- HOW TO COMPLETE THIS TASK
Copy exactly the stretch of data below from the line with "plane 2: z = 0" through the line with "arc (-316.662, 645.265)", including both of those lines.

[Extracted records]
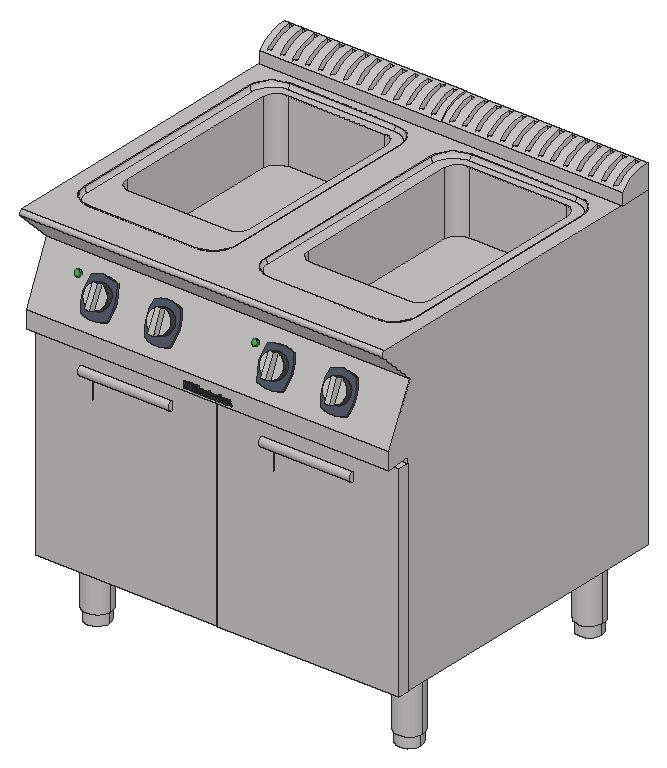
Revit family "QF_ELECTROLUXPROFESSIONAL_371091_E7PCGH2KF0", category Specialty Equipment, Revit 2018
Family settings
  Round Connector Dimension = Use Diameter
  Part Type = Normal
  Work Plane-Based = No
  Always vertical = Yes
  Cut with Voids When Loaded = No
  Shared = No
  Room Calculation Point = No
Parameters
  Width = 800 mm  # constant formula
  Weight in Pounds = 110  # constant formula
  Watts = 0 W
  Waste Water Discharge Temperature [instance] = -459.67 °F
  URL Cutsheet = "www.electrolux.com/foodservice"
  URL = "www.electrolux.com/foodservice"
  Type Mark [instance] = ""
  Status [instance] = ""
  Specification by User [instance] = ""
  Specification by Manufacturer = ""
  Show Logo [instance] = yes
  Show Clearance [instance] = yes
  Serial Number = ""
  Seismic Rating = ""
  SMACNA No = ""
  Revision Code [instance] = ""
  Plumbing Remarks [instance] = ""
  Plumbing Connection Type [instance] = ""
  Omniclass Number and Title = ""
  NAFEM Spec ID Number = ""
  Model = "371091"
  Mechanical Remarks [instance] = ""
  Mechanical Connection Type [instance] = ""
  Masterspec = ""
  Manufacturer = "ELECTROLUX"
  Item Number [instance] = ""
  Installed By [instance] = ""
  Indirect Waste Size = 25.4 mm  # 1"
  Indirect Waste Flow [instance] = 0 GPM
  Indirect Waste Connection Type [instance] = ""
  Indirect Waste Connection Height = 0 mm
  Identify Quantity as Lot [instance] = yes
  Height = 333 mm  # constant formula
  HP = "0 HP"
  Gas Size = 12.7 mm  # 1/2"
  Gas RI Height [instance] = 0 mm
  Gas KW [instance] = 21  # constant formula
  Gas Input [instance] = 20980.7 VA  # 71589.0 Btu/h
  Gas Connection Height = 0 mm
  Furnished By [instance] = ""
  Foodservice Equipment Identifier [instance] = yes
  Direct Waste Size = 1"
  Description = "700XP Freestanding Gas Pasta Cooker, 24.5 Lt. Well, 2 Wells"
  Depth = 730 mm  # constant formula
  Cold Water Temperature Recommended [instance] = -459.67 °F
  Cold Water Size = 12.7 mm  # 1/2"
  Cold Water RI Height [instance] = 0 mm
  Cold Water Minimum Pressure [instance] = 0.00 psi
  Cold Water Maximum Pressure [instance] = 0.00 psi
  Cold Water Flow [instance] = 0 GPM
  Cold Water Consumption [instance] = ""
  Cold Water Connection Height = 0 mm
  CSI MasterFormat = ""
  CSI Master Format = ""
  Base Height [instance] = 150 mm  # constant formula
Reference planes
  plane 1 "BACK": y = 0
  plane 2: z = 0
  plane 3 "LEFT": x = 0
  plane 4 "RIGHT": x = 800
  plane 5 "FRONT": y = -730
  plane 6 "TOP": z = 905.238
  plane 7 "Center Y": x = 400
  plane 8 "Center X": y = -365
  plane 9 "BASE": z = 601
  plane 10 "TOP A": z = 850.238
  plane 11: y = -597.884
  plane 12: y = -147.637
  plane 13: z = 942.313
  plane 14: z = 150
Forms (mm)
  Extrusion 1, solid, material "QF_Finishes_Stainless Steel"
    sketch origin (0, 0, 0) x (0, 1, 0) y (0, 0, 1)
      loop
        line (0, 850.237) -> (-725.027, 850.237)
        arc (-725.027, 850.237) -> (-730.893, 846.318) -> (-729.517, 839.397) r 6.35
        line (-729.517, 839.397) -> (-657.416, 767.047) -> (-713.522, 646.19) -> (-713.522, 608.09) -> (-660.4, 613.7) -> (-660.4, 150) -> (0, 150) -> (0, 850.237)
      loop
        line (-661.987, 601) -> (-687.387, 601) -> (-687.387, 150) -> (-661.987, 150) -> (-661.987, 601)
    from 0 to 800
  Extrusion 2, solid, material "QF_Finishes_Stainless Steel"
    sketch origin (0, 0, 0) x (0, 1, 0) y (0, 0, 1)
      loop
        line (0, 850.237) -> (0, 905.237)
        arc (0, 905.237) -> (-38.078, 897.879) -> (-69.85, 875.637) r 93.057
        line (-69.85, 875.637) -> (-69.85, 850.237) -> (0, 850.237)
    from 0 to 800
  Extrusion 3, void
    sketch origin (0, 0, 850.238) x (-1, 0, 0) y (0, -1, 0)
      loop
        arc (-316.662, 645.265) -> (-352.018, 630.62) -> (-366.662, 595.265) r 50
        line (-366.662, 595.265) -> (-366.662, 140.124)
        arc (-366.662, 140.124) -> (-352.018, 104.769) -> (-316.662, 90.124) r 50
        line (-316.662, 90.124) -> (-83.338, 90.124)
        arc (-83.338, 90.124) -> (-47.982, 104.769) -> (-33.338, 140.124) r 50
        line (-33.338, 140.124) -> (-33.338, 595.265)
        arc (-33.338, 595.265) -> (-47.982, 630.62) -> (-83.338, 645.265) r 50
        line (-83.338, 645.265) -> (-316.662, 645.265)
      loop
        line (-483.337, 645.265) -> (-716.662, 645.265)
        arc (-716.662, 645.265) -> (-752.018, 630.62) -> (-766.662, 595.265) r 50
        line (-766.662, 595.265) -> (-766.662, 140.124)
        arc (-766.662, 140.124) -> (-752.018, 104.769) -> (-716.662, 90.124) r 50
        line (-716.662, 90.124) -> (-483.337, 90.124)
        arc (-483.337, 90.124) -> (-447.982, 104.769) -> (-433.337, 140.124) r 50
        line (-433.337, 140.124) -> (-433.337, 595.265)
        arc (-433.337, 595.265) -> (-447.982, 630.62) -> (-483.337, 645.265) r 50
    from 0 to -152.4
  Extrusion 4, void
    sketch origin (0, 0, 850.238) x (-1, 0, 0) y (0, -1, 0)
      loop
        line (-13.453, 6.761) -> (-13.453, 63.911) -> (-22.749, 63.911) -> (-22.749, 6.761) -> (-13.453, 6.761)
    from 25.4 to 63.5
  Extrusion 5, solid, material "QF_Finishes_Navy Blue"
    sketch origin (75, -713.522, 646.19) x (0, 0.421077, 0.907025) y (-1, 0, 0)
      loop
        arc (101.077, -565.788) -> (66.2, -558.771) -> (31.333, -565.832) r 89.894
        arc (31.333, -565.832) -> (24.638, -594.363) -> (31.333, -622.893) r 64.14
        arc (31.333, -622.893) -> (66.2, -629.955) -> (101.077, -622.938) r 89.894
        arc (101.077, -622.938) -> (107.792, -594.363) -> (101.077, -565.788) r 64.16
      loop
        arc (101.077, -176.921) -> (66.2, -169.907) -> (31.333, -176.965) r 89.935
        arc (31.333, -176.965) -> (24.618, -205.54) -> (31.333, -234.115) r 64.16
        arc (31.333, -234.115) -> (66.2, -241.17) -> (101.077, -234.16) r 89.976
        arc (101.077, -234.16) -> (107.812, -205.54) -> (101.077, -176.921) r 64.179
      loop
        arc (101.077, -425.788) -> (66.2, -418.771) -> (31.333, -425.832) r 89.894
        arc (31.333, -425.832) -> (24.638, -454.363) -> (31.333, -482.893) r 64.14
        arc (31.333, -482.893) -> (66.2, -489.955) -> (101.077, -482.938) r 89.894
        arc (101.077, -482.938) -> (107.792, -454.363) -> (101.077, -425.788) r 64.16
      loop
        arc (101.077, -36.921) -> (66.2, -29.904) -> (31.333, -36.965) r 89.894
        arc (31.333, -36.965) -> (24.638, -65.496) -> (31.333, -94.027) r 64.14
        arc (31.333, -94.027) -> (66.2, -101.092) -> (101.077, -94.071) r 89.853
        arc (101.077, -94.071) -> (107.792, -65.496) -> (101.077, -36.921) r 64.16
    from 0 to 3.175
  Extrusion 6, solid, material "QF_Finishes_Stainless Steel"
    sketch origin (75, -716.402, 647.527) x (0, 0.421077, 0.907025) y (-1, 0, 0)
      loop
        circle (68.826, -594.351) r 25.4
      loop
        circle (68.826, -205.413) r 25.4
      loop
        circle (68.826, -454.351) r 25.4
      loop
        circle (68.826, -65.528) r 25.4
    from 0 to 12.7
  Extrusion 7, solid, material "QF_Finishes_Stainless Steel"
    sketch origin (75, -727.921, 652.875) x (0, 0.421077, 0.907025) y (-1, 0, 0)
      loop
        arc (93.558, -600.137) -> (94.226, -594.351) -> (93.558, -588.564) r 25.4
        line (93.558, -588.564) -> (44.094, -588.564)
        arc (44.094, -588.564) -> (43.426, -594.351) -> (44.094, -600.137) r 25.4
        line (44.094, -600.137) -> (93.558, -600.137)
      loop
        arc (93.558, -211.199) -> (94.226, -205.413) -> (93.558, -199.627) r 25.4
        line (93.558, -199.627) -> (44.094, -199.627)
        arc (44.094, -199.627) -> (43.426, -205.413) -> (44.094, -211.199) r 25.4
        line (44.094, -211.199) -> (93.558, -211.199)
      loop
        arc (93.558, -460.137) -> (94.226, -454.351) -> (93.558, -448.564) r 25.4
        line (93.558, -448.564) -> (44.094, -448.564)
        arc (44.094, -448.564) -> (43.426, -454.351) -> (44.094, -460.137) r 25.4
        line (44.094, -460.137) -> (93.558, -460.137)
      loop
        arc (93.558, -71.314) -> (94.226, -65.528) -> (93.558, -59.742) r 25.4
        line (93.558, -59.742) -> (44.094, -59.742)
        arc (44.094, -59.742) -> (43.426, -65.528) -> (44.094, -71.314) r 25.4
        line (44.094, -71.314) -> (93.558, -71.314)
    from 0 to 12.7
  Extrusion 8, solid, material "QF_Finishes_Green"
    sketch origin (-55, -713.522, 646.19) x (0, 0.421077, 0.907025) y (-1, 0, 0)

- SOLUTION TO THE EXERCISE
  plane 2: z = 0
  plane 3 "LEFT": x = 0
  plane 4 "RIGHT": x = 800
  plane 5 "FRONT": y = -730
  plane 6 "TOP": z = 905.238
  plane 7 "Center Y": x = 400
  plane 8 "Center X": y = -365
  plane 9 "BASE": z = 601
  plane 10 "TOP A": z = 850.238
  plane 11: y = -597.884
  plane 12: y = -147.637
  plane 13: z = 942.313
  plane 14: z = 150
Forms (mm)
  Extrusion 1, solid, material "QF_Finishes_Stainless Steel"
    sketch origin (0, 0, 0) x (0, 1, 0) y (0, 0, 1)
      loop
        line (0, 850.237) -> (-725.027, 850.237)
        arc (-725.027, 850.237) -> (-730.893, 846.318) -> (-729.517, 839.397) r 6.35
        line (-729.517, 839.397) -> (-657.416, 767.047) -> (-713.522, 646.19) -> (-713.522, 608.09) -> (-660.4, 613.7) -> (-660.4, 150) -> (0, 150) -> (0, 850.237)
      loop
        line (-661.987, 601) -> (-687.387, 601) -> (-687.387, 150) -> (-661.987, 150) -> (-661.987, 601)
    from 0 to 800
  Extrusion 2, solid, material "QF_Finishes_Stainless Steel"
    sketch origin (0, 0, 0) x (0, 1, 0) y (0, 0, 1)
      loop
        line (0, 850.237) -> (0, 905.237)
        arc (0, 905.237) -> (-38.078, 897.879) -> (-69.85, 875.637) r 93.057
        line (-69.85, 875.637) -> (-69.85, 850.237) -> (0, 850.237)
    from 0 to 800
  Extrusion 3, void
    sketch origin (0, 0, 850.238) x (-1, 0, 0) y (0, -1, 0)
      loop
        arc (-316.662, 645.265) -> (-352.018, 630.62) -> (-366.662, 595.265) r 50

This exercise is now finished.